[Work required]: Locate the line containing "be unused: angle" in the material below; repeat it and every line after it, exactly as written.

=== Begin Enclosure ===

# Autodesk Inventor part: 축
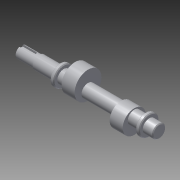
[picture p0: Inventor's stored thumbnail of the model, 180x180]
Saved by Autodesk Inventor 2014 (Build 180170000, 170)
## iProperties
Created: 2014-12
Part Number: 축
Material: 알루미늄 6061
Document SubType Name: Modeling
Designer: Owner
Density: 2.71 g/cm^3
Appearance: 알루미늄 - 평지
Mass: 170.354 g
Surface Area: 153.402 cm^2
Volume: 62.8614 cm^3
Author: Owner
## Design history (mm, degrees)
sketch "스케치1"
  geometry: L1 (-90, 0)-(90, 0); L2 (-90, 0)-(-90, 7.5); L3 (-90, 7.5)-(-66, 7.5); L4 (-66, 7.5)-(-66, 8.5); L5 (-66, 8.5)-(-39, 8.5); L6 (-39, 8.5)-(-39, 13); L7 (-39, 13)-(-34, 13); L8 (-34, 13)-(-34, 8.5); L9 (-34, 8.5)-(72, 8.5); L10 (72, 8.5)-(72, 13); L11 (72, 13)-(77, 13); L12 (77, 13)-(77, 8.5); L13 (77, 8.5)-(90, 8.5); L14 (90, 8.5)-(90, 0); 2 further points
  constraints: 28 end point, 7 parallel, 4 perpendicular, 3 collinear, 3 horizontal alignment, 1 coincident, 1 horizontal, 1 midpoint
  dimensions: "d0" = 180 distance of L1.start L1.end; "d2" = 15 diameter of L3 L1; "d3" = 17 diameter of L5 L1; "d4" = 26 diameter of L7 L1; "d5" = 5 distance of L10.end L11.end; "d6" = 13 distance of L12.end L13.end; "d7" = 24 distance of L2.end L3.end; "d8" = 27 distance of L4.end L5.end
revolve "회전1" sketch "스케치1" stored, may be unused: angle "d9" = 90 deg
node "작업 평면1"
sketch "스케치2"
  geometry: L1 (-7.547, 0)-(5.5, 0); L2 (-12, -2.5)-(5.5, -2.5); L3 (5.5, 2.5)-(-12, 2.5); L4 (-12, 2.5)-(-12, -2.5); L5 (-12, -7.5)-(-12, 7.5) reference; A1 r 2.5 centre (5.5, 0) between (5.5, -2.5) and (5.5, 2.5); 4 further points
  constraints: 10 end point, 4 midpoint, 2 horizontal alignment, 2 point on circle, 2 tangent, 1 centre point, 1 horizontal, 1 parallel, 1 perpendicular, 1 vertical
  dimensions: "d10" = 20 dimension on A1 L5; "d11" = 5 distance of L3.end L2.start
extrude "돌출1" cut sketch "스케치2" distance "d12" = 3; taper "d13" = 0 deg
node "작업 평면3"
  node "작업 평면2"
sketch "스케치3"
  geometry: C1 r 17.5 at (0, 6); 1 further point
  constraints: 1 centre point, 1 vertical alignment
  dimensions: "d16" = 35 diameter of C1; "d17" = 6 distance of point (0, 0) C1.centre
extrude "돌출2" join sketch "스케치3" distance "d18" = 17; taper "d19" = 0 deg
node "작업 평면4"
sketch "스케치4"
  geometry: C1 r 15 at (0, -5); 1 further point
  constraints: 1 centre point, 1 vertical alignment
  dimensions: "d22" = 30 diameter of C1; "d23" = 5 distance of C1.centre point (0, 0)
extrude "돌출3" join sketch "스케치4" distance "d24" = 17; taper "d25" = 0 deg
chamfer "모따기1" distance "d26" = 1; stored, may be unused: second distance "d27" = 2, angle "d28" = 45 deg
node "솔리드1"
other parameters: "d15" = 70.5

=== End Enclosure ===

[Completed task]:
revolve "회전1" sketch "스케치1" stored, may be unused: angle "d9" = 90 deg
node "작업 평면1"
sketch "스케치2"
  geometry: L1 (-7.547, 0)-(5.5, 0); L2 (-12, -2.5)-(5.5, -2.5); L3 (5.5, 2.5)-(-12, 2.5); L4 (-12, 2.5)-(-12, -2.5); L5 (-12, -7.5)-(-12, 7.5) reference; A1 r 2.5 centre (5.5, 0) between (5.5, -2.5) and (5.5, 2.5); 4 further points
  constraints: 10 end point, 4 midpoint, 2 horizontal alignment, 2 point on circle, 2 tangent, 1 centre point, 1 horizontal, 1 parallel, 1 perpendicular, 1 vertical
  dimensions: "d10" = 20 dimension on A1 L5; "d11" = 5 distance of L3.end L2.start
extrude "돌출1" cut sketch "스케치2" distance "d12" = 3; taper "d13" = 0 deg
node "작업 평면3"
  node "작업 평면2"
sketch "스케치3"
  geometry: C1 r 17.5 at (0, 6); 1 further point
  constraints: 1 centre point, 1 vertical alignment
  dimensions: "d16" = 35 diameter of C1; "d17" = 6 distance of point (0, 0) C1.centre
extrude "돌출2" join sketch "스케치3" distance "d18" = 17; taper "d19" = 0 deg
node "작업 평면4"
sketch "스케치4"
  geometry: C1 r 15 at (0, -5); 1 further point
  constraints: 1 centre point, 1 vertical alignment
  dimensions: "d22" = 30 diameter of C1; "d23" = 5 distance of C1.centre point (0, 0)
extrude "돌출3" join sketch "스케치4" distance "d24" = 17; taper "d25" = 0 deg
chamfer "모따기1" distance "d26" = 1; stored, may be unused: second distance "d27" = 2, angle "d28" = 45 deg
node "솔리드1"
other parameters: "d15" = 70.5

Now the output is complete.